A couple of days ago, we went on a tour of the Normandy countryside to see various sites related to the D-Day invasion. Norman weather is apparently fairly moody and can change quickly, so I’ve been told. Our tour day was a perfect example of this. The day quickly changed from the forecast of mostly sunny day in the 70s to a dismal overcast day with a high in the 60s and intermittent bouts of rain showers.
We made the mistake of dressing per the forecast, so for much of the day, we were cold but the weather was actually perfect for our tour. It would have felt somehow off to be on Utah or Omaha beach on a bright sunny day; instead the weather helped to create a rather somber mood and gave us a small taste of what our troops faced (minus the bullets of course) as they struggled through rough seas and cold rain to get to the beach.
If you come to Normandy, a visit to these beaches is a must-do. There are plenty of guided tours, which I recommend in order to make the most of your visit. Our guide was full of interesting info and we learned quite a lot. I also recommend a visit to a WWII museum (the one in Caen is a great option) or watching a couple of documentaries before your visit so that you can put things in context and have a richer understanding of what happened on and just after D-Day.
We visited several sites, which I’ve broken up into a series of posts, all tagged with D-Day.
This was the easier and less bloody of the two American beach landings as we were pushed off course by foul weather to a less-defending area. Not so with Omaha.
Utah Beach is more of a preserved site – if I remember correctly, the mayor of the city during the post-war years is mostly responsible. There is also a museum there and several monuments. Among the monuments is one to the engineers, among the first of our troops to hit the beach since they were assigned the duties of clearing mines and obstacles from the area.They apparently had time on their hands after reaching their objective since one of the vert first monuments was for engineers built by the engineers themselves. There is also a US Navy monument but that wasn’t built until many years after the war ended.

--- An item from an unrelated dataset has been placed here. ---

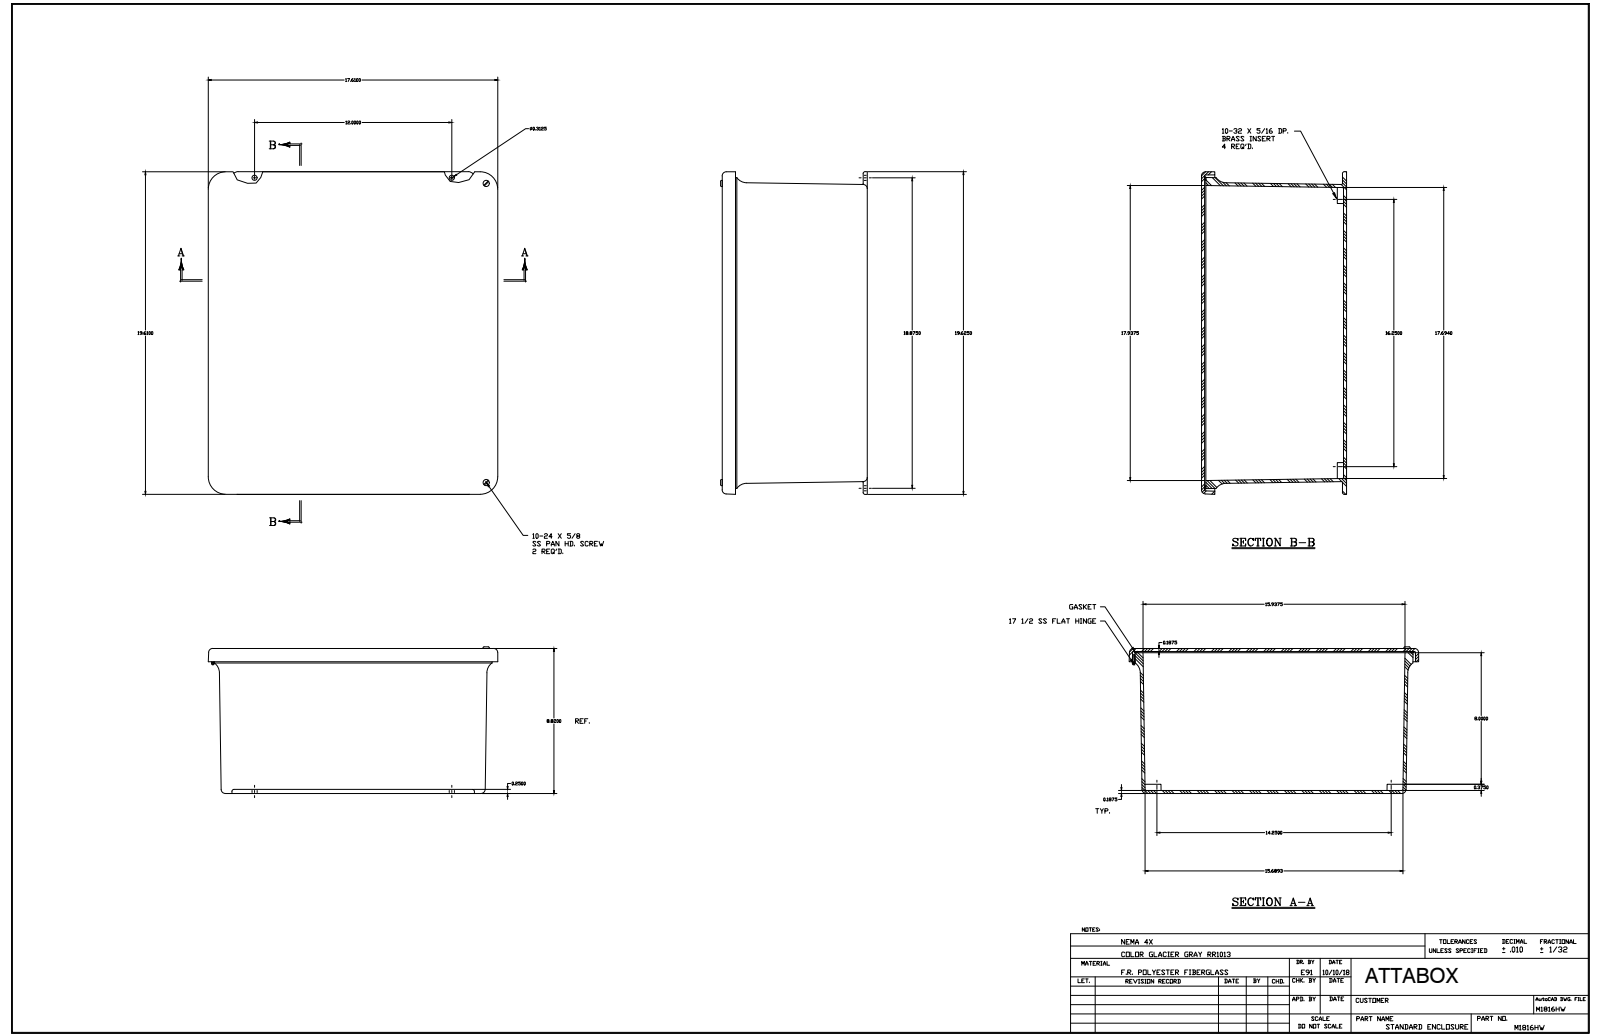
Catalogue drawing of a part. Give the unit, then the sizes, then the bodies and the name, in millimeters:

At the head of the trail leading to the beach is a Higgins boat. This was the flat-bottomed boat that our troops came to shore in, which would have been a brutally rough ride in the stormy seas on D-Day. As it was, most of our troops on Utah and Omaha suffered from debilitating sea sickness as it took hours for the boats to get close to the beach and were soaked through with cold sea water before they even got out of the boat.
Utah Beach is also home to Le Roosevelt Cafe, dating from the war years. Go inside and you can see the walls and tables signed by US veterans who came back after the war to visit. It’s really cool. What’s also very nice is that many of the roads in the area were renamed after various US service members who lost their lives taking the beach. It gives me chills (in a good way) to see how many ways the people of Normandy have paid tribute to US and other forces who participated in the liberation and even today, flags from many nations fly all across Normandy.
Here’s where the weather turned rather ugly on us so we weren’t able to explore or take as many photos as much as I would have liked. Today, the beach is once again used for recreation and little remains to indicate that it was one of the bloodiest battles of D-Day, other than the name Bloody Omaha.
There is still a piece of the Mulberry harbors – these were huge box-like structures used to create a fake harbor for landing supplies and vehicles since all of the real harbors were heavily guarded by German troops. I was able to walk on it since it’s positioned at the base of the pier, which is a pretty incredible experience to retrace the footsteps of our troops in such a historic battle.
At the top of the bluff overlooking Omaha is the American Cemetery, which I will write about in a separate post.